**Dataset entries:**
——————
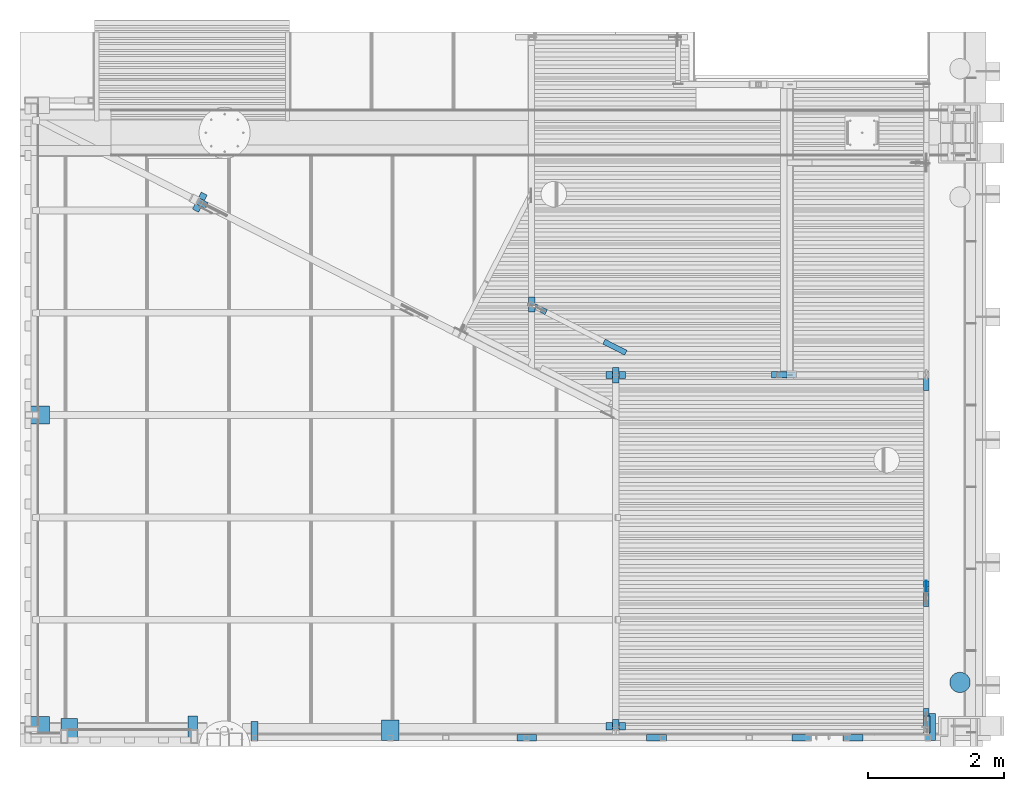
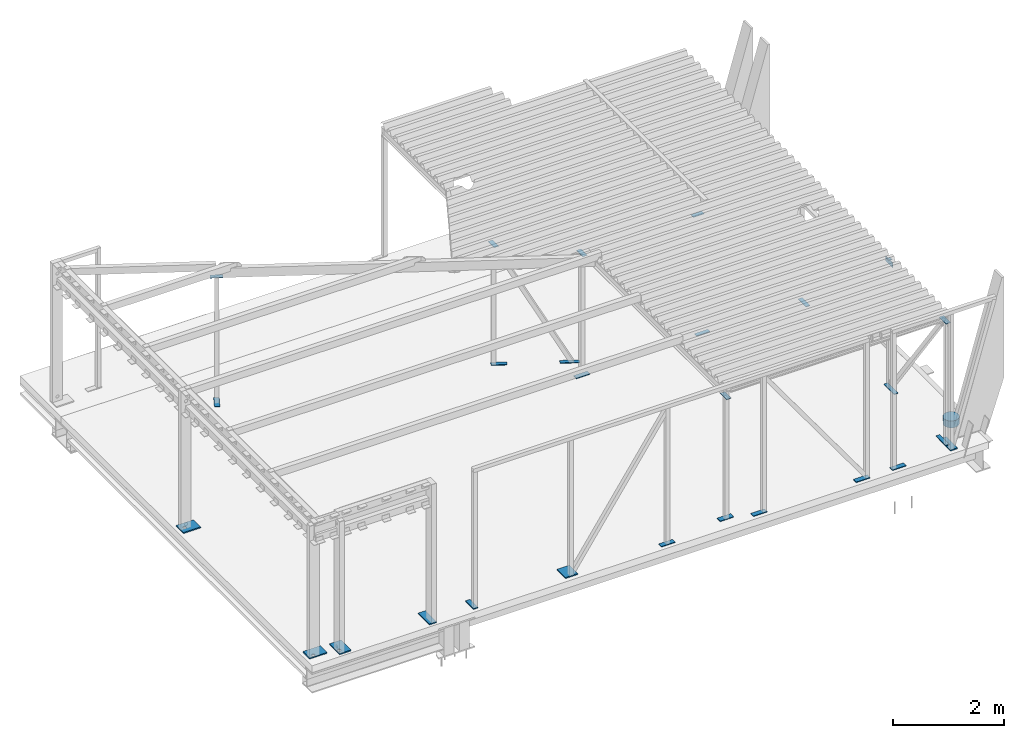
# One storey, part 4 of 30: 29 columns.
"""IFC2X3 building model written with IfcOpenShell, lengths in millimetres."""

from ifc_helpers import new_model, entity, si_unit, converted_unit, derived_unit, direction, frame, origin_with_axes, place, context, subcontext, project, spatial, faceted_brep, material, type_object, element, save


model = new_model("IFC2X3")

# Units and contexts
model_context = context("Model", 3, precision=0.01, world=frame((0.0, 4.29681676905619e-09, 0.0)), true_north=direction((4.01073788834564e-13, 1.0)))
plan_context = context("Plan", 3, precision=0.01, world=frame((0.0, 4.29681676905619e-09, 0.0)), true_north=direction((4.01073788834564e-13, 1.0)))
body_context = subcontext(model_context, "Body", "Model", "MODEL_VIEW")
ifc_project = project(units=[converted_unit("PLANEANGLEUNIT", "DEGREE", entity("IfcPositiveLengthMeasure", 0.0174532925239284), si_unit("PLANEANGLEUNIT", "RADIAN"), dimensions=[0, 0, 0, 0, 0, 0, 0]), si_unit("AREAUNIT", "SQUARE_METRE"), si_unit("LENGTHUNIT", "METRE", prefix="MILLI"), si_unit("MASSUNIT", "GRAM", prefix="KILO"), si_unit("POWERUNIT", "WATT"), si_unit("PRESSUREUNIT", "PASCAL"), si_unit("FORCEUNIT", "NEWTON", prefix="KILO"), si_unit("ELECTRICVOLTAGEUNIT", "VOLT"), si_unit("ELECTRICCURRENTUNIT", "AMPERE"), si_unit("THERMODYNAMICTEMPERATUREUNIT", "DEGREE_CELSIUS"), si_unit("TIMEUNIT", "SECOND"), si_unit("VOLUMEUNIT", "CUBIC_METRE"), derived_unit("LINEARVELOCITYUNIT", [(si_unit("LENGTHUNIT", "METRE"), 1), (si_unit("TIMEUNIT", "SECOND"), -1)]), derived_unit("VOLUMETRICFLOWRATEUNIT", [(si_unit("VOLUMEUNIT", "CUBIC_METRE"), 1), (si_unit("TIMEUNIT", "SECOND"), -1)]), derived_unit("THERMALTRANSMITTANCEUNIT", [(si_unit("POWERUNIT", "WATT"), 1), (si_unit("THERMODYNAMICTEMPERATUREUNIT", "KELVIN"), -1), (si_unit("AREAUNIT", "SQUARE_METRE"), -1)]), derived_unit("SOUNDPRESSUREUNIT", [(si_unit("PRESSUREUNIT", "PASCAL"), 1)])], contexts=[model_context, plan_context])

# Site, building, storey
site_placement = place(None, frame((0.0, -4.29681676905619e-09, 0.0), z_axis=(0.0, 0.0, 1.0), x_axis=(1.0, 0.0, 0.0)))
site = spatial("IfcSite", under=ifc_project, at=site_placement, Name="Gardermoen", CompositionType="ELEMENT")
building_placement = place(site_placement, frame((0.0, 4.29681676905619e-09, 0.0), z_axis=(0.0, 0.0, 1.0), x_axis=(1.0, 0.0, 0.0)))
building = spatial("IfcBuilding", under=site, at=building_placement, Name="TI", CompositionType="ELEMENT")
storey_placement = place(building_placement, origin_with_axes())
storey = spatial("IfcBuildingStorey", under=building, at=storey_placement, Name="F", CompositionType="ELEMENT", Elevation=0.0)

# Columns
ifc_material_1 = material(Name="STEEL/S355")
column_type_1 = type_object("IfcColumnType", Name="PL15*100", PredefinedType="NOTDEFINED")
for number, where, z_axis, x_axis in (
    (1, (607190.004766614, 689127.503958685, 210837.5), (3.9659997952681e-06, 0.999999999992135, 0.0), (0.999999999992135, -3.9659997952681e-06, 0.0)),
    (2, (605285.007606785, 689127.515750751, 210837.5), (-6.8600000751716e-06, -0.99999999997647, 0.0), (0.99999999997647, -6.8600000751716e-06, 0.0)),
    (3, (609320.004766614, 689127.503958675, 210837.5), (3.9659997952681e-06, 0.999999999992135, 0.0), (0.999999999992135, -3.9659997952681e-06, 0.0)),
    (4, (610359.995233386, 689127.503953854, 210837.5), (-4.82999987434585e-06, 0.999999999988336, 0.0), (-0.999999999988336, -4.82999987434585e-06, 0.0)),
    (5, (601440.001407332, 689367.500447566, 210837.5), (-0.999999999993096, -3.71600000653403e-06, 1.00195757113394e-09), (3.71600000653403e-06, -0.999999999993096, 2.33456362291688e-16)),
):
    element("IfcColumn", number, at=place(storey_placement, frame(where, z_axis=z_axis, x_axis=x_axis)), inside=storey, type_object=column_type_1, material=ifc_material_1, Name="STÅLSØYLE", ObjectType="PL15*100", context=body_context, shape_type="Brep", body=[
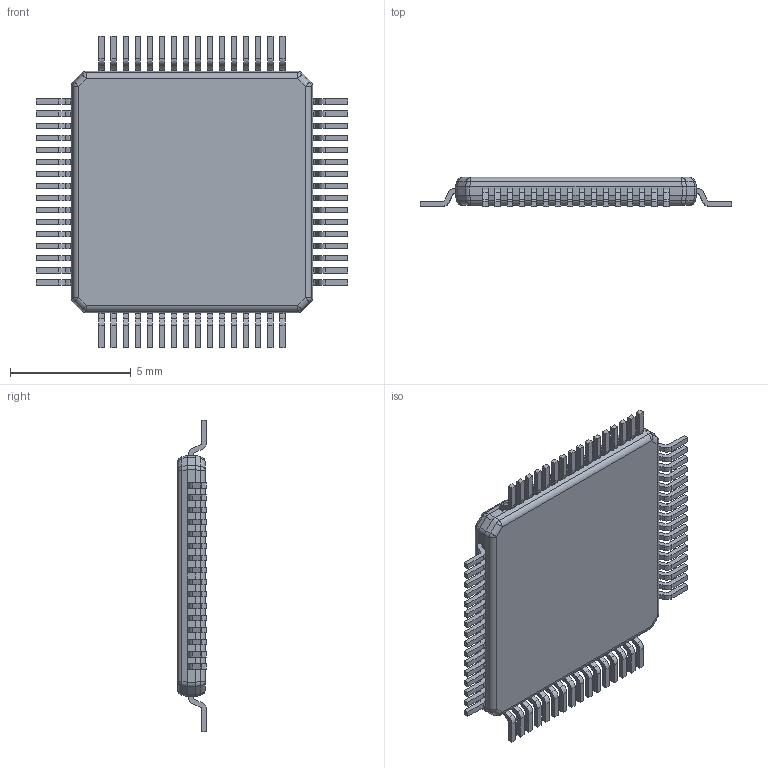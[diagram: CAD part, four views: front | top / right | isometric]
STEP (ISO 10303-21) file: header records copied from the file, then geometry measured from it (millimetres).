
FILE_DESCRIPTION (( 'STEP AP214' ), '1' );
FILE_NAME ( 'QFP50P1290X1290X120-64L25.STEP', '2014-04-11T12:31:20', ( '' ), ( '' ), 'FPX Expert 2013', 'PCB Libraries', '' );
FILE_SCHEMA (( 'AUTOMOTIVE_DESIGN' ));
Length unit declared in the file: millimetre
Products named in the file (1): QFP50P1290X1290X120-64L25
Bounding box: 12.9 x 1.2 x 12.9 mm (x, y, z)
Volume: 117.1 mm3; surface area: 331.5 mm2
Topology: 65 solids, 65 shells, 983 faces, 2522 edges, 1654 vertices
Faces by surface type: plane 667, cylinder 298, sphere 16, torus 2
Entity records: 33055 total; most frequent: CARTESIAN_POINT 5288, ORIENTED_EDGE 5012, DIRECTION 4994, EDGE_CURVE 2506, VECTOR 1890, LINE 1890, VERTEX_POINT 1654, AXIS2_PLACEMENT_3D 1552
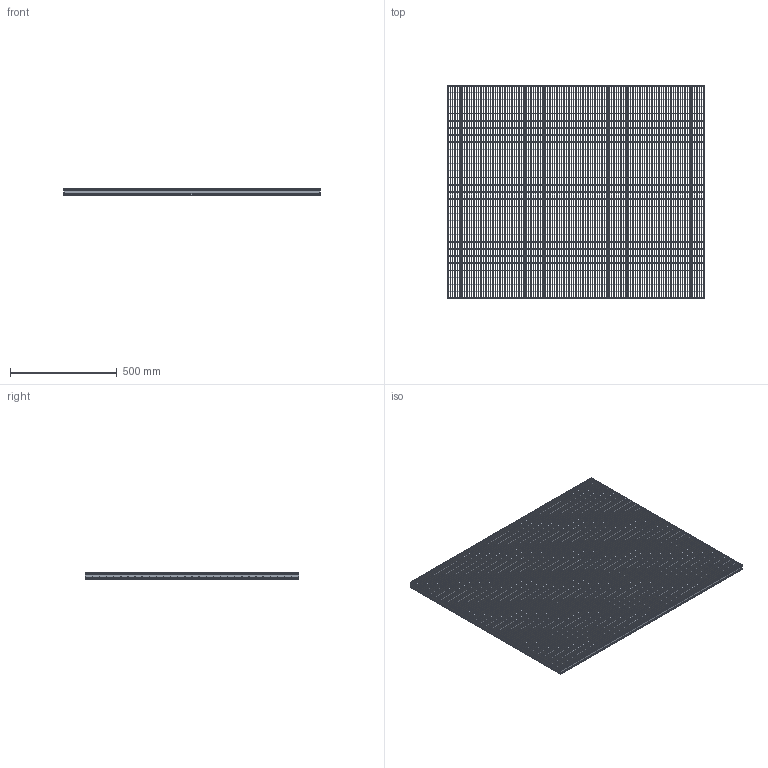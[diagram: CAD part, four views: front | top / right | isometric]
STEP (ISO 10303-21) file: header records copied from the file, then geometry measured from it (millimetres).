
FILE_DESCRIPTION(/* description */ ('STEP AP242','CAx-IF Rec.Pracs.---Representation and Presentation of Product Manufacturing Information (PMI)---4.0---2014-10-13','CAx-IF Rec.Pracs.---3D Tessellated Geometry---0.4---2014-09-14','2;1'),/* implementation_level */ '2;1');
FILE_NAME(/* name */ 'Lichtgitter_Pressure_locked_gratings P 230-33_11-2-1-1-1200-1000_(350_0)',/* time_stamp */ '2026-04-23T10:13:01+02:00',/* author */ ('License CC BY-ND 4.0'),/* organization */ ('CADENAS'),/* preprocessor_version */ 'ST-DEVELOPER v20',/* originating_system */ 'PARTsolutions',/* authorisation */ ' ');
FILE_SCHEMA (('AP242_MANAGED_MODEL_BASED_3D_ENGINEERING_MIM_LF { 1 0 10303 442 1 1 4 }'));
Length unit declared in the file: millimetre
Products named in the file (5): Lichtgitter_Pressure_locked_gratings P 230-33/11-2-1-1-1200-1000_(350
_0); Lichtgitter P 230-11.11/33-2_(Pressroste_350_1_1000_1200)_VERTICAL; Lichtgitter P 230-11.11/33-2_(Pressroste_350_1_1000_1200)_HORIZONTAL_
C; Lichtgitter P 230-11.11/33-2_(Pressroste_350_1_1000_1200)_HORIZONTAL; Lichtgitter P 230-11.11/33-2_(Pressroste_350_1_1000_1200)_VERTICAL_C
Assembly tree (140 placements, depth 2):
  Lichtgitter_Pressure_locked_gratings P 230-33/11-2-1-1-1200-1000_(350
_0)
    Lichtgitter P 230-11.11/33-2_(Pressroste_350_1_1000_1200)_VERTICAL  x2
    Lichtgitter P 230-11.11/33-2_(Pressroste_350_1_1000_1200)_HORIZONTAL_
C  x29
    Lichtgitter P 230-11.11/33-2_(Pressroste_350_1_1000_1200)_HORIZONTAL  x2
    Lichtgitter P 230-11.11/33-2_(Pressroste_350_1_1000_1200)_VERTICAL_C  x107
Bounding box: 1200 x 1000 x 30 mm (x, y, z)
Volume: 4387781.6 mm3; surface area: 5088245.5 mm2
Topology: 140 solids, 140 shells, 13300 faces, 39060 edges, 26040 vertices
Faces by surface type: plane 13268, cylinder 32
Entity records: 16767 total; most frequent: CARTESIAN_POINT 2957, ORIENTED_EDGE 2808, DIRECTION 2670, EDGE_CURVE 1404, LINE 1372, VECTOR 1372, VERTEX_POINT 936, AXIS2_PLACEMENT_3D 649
——————
**What is expected:** Search the data above for the string "under" and return every line that has it.

**Solution to the exercise:**
site = spatial("IfcSite", under=ifc_project, at=site_placement, Name="Gardermoen", CompositionType="ELEMENT")
building = spatial("IfcBuilding", under=site, at=building_placement, Name="TI", CompositionType="ELEMENT")
storey = spatial("IfcBuildingStorey", under=building, at=storey_placement, Name="F", CompositionType="ELEMENT", Elevation=0.0)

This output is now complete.